Hygienically Clean Audit Update: Alsco Uniforms – Sarasota
Amid a leadership change earlier this year, including the naming of seven new auditors, Textile Services Weekly recently joined an audit team at the Alsco Uniforms mixed plant in Sarasota, FL, to see how things are going.
“The new auditors are performing amazingly!” said T.J. Peterson, a 25-year industry veteran who oversees the auditing team. “We still have small issues from time to time, with such a diverse background with the auditors this was to be expected, but overall, we’re looking good! I’m quite pleased with how the program is moving forward. It has strong roots, so it was quite easy to bring it over to the group we have. It’s been quite a first year for the program being in this form, and I am looking forward to the next year. We have new auditors coming on board. We’re doing our annual training in January, and we’ve got the portals that are ever changing and expanding.”
This correspondent got a first-hand look at the Hygienically Clean certification process during the Sept. 19 audit at the Alsco Uniforms – Sarasota plant, a 50,000-square-foot (4,645-square-meter) facility. Established in 1966 as a National Linen plant, the laundry was later acquired by Alsco Uniforms. A conventional plant with 12 Ellis Corp. washer/extractors, the laundry processes 500,000 lbs. a week during high season (roughly October to Mother’s Day) with a staff of 90 employees.
We began the tour with a 9 a.m. meeting in the plant’s conference room with the auditor, Doug Story, a laundry-chemistry-veteran-turned-consultant. He was completing a review of the plant’s 500-plus page Quality Assurance (QA) Manual, which documents all the certification program requirements for operational best practices. Joining the meeting were Nancy Tree, the company’s Salt Lake City-based certifications manager; and three other branch managers: GM Delbert Duncan, Plant Manager Steve Ostermann and Safety Compliance Officer Josh Fournier. TRSA’s Samlane Ketevong, senior director of certification/accreditation, also participated in the audit.

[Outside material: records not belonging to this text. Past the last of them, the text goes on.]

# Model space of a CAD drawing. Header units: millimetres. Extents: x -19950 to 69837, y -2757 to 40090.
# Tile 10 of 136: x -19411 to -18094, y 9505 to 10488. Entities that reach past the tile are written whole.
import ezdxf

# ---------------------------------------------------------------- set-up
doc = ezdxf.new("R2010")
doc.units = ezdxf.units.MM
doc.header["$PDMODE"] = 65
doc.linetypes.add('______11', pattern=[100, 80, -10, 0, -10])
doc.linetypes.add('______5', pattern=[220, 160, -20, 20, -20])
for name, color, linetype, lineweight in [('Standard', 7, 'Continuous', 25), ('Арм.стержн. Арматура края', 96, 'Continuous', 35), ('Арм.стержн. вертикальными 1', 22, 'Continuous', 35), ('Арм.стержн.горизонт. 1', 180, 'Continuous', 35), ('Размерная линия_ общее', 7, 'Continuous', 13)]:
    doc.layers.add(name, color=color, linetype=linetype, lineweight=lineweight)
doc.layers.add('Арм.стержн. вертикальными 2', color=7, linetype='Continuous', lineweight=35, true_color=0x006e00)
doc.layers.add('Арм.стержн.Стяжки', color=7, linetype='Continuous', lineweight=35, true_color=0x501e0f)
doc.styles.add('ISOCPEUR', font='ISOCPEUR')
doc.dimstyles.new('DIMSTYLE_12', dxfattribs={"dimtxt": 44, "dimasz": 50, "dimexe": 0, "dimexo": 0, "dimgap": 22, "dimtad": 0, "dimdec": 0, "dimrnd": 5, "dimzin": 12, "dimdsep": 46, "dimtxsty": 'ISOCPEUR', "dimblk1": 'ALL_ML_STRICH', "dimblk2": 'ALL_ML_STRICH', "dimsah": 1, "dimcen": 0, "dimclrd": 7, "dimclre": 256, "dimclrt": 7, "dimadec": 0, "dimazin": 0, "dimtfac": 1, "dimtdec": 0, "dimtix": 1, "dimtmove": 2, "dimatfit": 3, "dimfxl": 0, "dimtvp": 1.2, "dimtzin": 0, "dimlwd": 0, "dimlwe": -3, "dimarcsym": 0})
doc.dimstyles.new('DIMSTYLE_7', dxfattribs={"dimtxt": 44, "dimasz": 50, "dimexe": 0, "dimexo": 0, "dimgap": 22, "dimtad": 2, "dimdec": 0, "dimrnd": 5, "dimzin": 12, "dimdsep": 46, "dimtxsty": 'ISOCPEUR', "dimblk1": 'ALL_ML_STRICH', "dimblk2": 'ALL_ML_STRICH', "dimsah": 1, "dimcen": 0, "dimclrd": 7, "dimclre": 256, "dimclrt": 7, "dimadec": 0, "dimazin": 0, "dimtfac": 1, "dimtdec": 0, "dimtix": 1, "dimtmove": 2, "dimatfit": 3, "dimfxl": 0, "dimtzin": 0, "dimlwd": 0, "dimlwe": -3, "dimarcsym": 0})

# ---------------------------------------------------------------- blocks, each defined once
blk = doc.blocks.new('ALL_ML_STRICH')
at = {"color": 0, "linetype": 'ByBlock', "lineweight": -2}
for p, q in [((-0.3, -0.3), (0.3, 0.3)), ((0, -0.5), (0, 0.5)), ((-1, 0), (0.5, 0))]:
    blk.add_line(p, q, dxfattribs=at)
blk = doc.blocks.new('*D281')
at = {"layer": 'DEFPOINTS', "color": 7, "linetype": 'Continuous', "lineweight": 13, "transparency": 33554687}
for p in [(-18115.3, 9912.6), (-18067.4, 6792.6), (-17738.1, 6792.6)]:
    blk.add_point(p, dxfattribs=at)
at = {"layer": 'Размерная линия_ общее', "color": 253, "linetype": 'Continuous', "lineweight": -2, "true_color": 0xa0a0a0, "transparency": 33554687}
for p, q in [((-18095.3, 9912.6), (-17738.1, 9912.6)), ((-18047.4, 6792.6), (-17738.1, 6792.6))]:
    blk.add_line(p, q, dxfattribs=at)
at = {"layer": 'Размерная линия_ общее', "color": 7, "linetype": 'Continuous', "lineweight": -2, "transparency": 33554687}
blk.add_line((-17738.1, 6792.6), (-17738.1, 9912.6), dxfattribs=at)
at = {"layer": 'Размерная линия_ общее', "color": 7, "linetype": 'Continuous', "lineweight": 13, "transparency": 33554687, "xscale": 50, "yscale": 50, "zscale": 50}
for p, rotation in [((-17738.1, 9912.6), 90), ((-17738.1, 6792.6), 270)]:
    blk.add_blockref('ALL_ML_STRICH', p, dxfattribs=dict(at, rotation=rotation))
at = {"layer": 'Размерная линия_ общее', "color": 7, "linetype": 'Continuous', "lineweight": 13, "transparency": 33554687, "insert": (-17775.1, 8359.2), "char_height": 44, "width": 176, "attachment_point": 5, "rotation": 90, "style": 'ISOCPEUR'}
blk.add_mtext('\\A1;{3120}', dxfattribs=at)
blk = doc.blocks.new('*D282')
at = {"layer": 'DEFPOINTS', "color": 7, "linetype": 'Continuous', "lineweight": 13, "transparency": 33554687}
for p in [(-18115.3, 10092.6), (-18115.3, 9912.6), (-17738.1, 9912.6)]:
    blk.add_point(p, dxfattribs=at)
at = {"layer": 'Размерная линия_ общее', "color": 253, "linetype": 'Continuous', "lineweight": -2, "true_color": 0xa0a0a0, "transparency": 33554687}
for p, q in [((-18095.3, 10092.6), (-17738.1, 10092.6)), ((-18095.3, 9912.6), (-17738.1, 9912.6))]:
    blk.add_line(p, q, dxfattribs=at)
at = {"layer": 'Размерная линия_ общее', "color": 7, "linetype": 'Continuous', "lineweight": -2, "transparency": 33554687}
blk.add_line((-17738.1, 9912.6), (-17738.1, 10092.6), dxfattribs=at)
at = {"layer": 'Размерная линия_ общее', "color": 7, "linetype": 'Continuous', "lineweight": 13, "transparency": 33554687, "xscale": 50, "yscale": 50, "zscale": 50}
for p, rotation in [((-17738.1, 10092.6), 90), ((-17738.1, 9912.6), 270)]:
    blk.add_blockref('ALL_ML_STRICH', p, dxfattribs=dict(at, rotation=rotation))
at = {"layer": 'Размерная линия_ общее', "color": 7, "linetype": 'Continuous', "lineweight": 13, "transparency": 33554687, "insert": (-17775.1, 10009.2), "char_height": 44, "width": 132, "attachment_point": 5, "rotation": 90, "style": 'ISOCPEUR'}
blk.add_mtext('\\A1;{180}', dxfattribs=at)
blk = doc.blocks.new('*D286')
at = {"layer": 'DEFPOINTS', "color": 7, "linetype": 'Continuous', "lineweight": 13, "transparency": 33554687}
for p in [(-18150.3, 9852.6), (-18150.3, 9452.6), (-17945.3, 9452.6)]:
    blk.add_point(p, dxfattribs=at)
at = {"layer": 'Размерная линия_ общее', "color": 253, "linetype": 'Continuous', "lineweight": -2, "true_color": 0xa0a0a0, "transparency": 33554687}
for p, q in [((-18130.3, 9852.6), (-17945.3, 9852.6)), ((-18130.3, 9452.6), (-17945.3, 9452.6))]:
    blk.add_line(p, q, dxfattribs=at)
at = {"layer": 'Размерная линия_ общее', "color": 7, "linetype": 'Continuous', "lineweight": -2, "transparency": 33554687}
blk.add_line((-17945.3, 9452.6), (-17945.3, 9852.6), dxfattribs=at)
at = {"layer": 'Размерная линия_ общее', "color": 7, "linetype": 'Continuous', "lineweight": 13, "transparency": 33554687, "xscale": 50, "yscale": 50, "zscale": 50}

Story described the audit walkthrough as comparable to an ISO-type on-site review. Its purpose is to confirm that the plant staff are following through on the policies and procedures documented in the QA manual. We walked through various departments from soil to clean, including fleet vehicles. At the end of the tour, we watched as Office Manager Domenica Gomez gowned up and inserted a patient gown and towel into separate plastic bags. These were sealed and placed in a FedEx box for shipment to a third-party lab for microbiological testing. The Hygienically Clean standard requires quarterly microbial testing to maintain a plant’s certified status. This includes the Sarasota plant’s Hygienically Clean Healthcare certification. Healthcare takes up about a fifth of the plant’s total throughput.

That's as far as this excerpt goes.